No top Republican had acknowledged Biden’s victory—a surreal state of discontent that he seemed to acknowledge in his remarks Saturday night.
“I understand the disappointment tonight," Biden said, directly addressing those who voted for Trump. "I’ve lost a couple of times myself. But now, let’s give each other a chance,”
Still, the projection seemed unlikely to halt the distrust of the vote-counting process he has fomented among his supporters by making baseless claims about fraud. His supporters have gathered outside of facilities where ballots are being counted in cities like Phoenix, Detroit, and Philadelphia, raising the prospect of unrest in the days to come.
But in Philadelphia, they were met with a joyful counter-demonstration of people dressed like mailboxes or dinosaurs, dancing in the streets as the counting continued.
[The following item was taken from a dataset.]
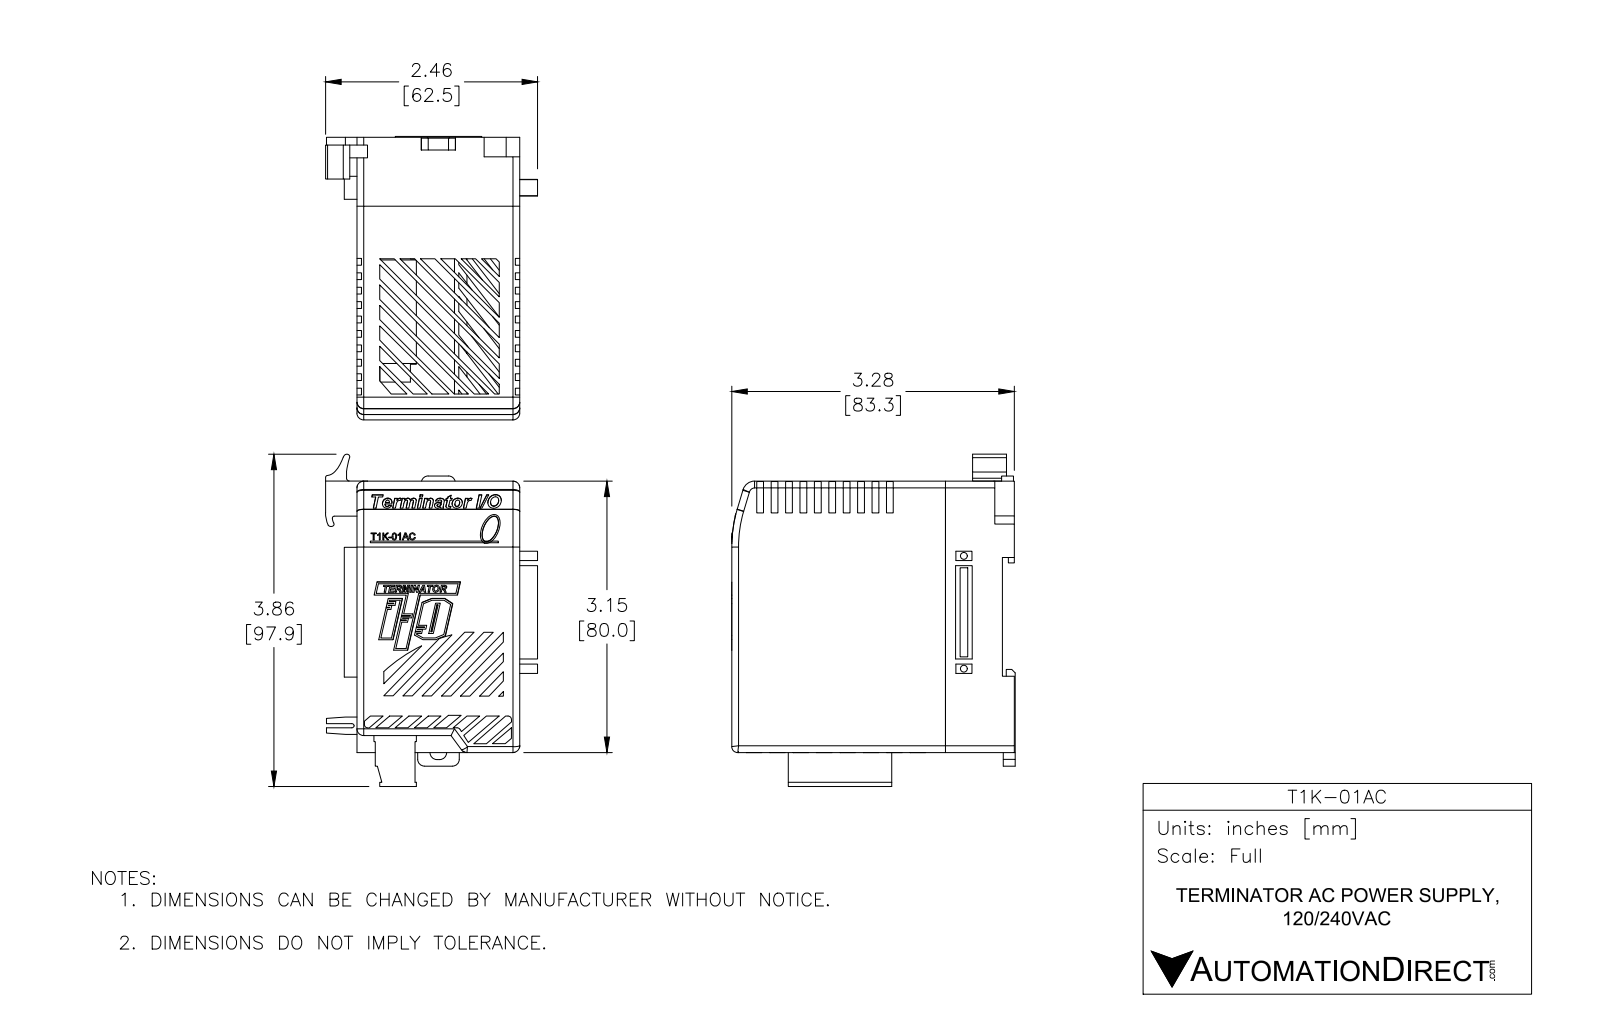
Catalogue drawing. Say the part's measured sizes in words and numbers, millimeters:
The part is named "Terminator_AC_PwrSupply With LOGO_with venting". Its 3-D file was written by "SolidWorks 2013 (AUTOMOTIVE_DESIGN)". It is 18 solids with 914 faces: 681 planar, 66 cylindrical and 167 other. Overall it measures 97.96 by 83.59 by 62.5 millimeters. Its volume is 109 263 cubic millimeters and its surface area 56 851 square millimeters. Round holes: 2 of diameter 2. Round bosses or shafts: 2 of diameter 1.81. Partial cylindrical surfaces (rounded edges, fillets, slot ends): 18 of radius 2, 12 of radius 1, 4 of radius 0.75, 2 of radius 2.06, 1 of radius 0.83, 1 of radius 0.94, 1 of radius 2.02, 1 of radius 2.04. The main face-to-face distances are 2, 46, 48, 44, 63, 61, 3.5, 16.8, 77.8, 79.8. The hole center spacings are 33.25.

As news of Biden’s victory came Saturday, people around the country yelled out of their windows, honked their horns in the streets and descended on the White House with bottles of champagne in hand.
Biden’s win, while falling short of the landslide some Democrats dared to hope for, still makes Trump the first incumbent to lose reelection since 1992, and amounts to a significant rebuke of a norm-shattering presidency that was born on a promise to “build a wall” to keep non-white immigrants out of this country and closed with race-based appeals about “law and order” in suburban neighborhoods.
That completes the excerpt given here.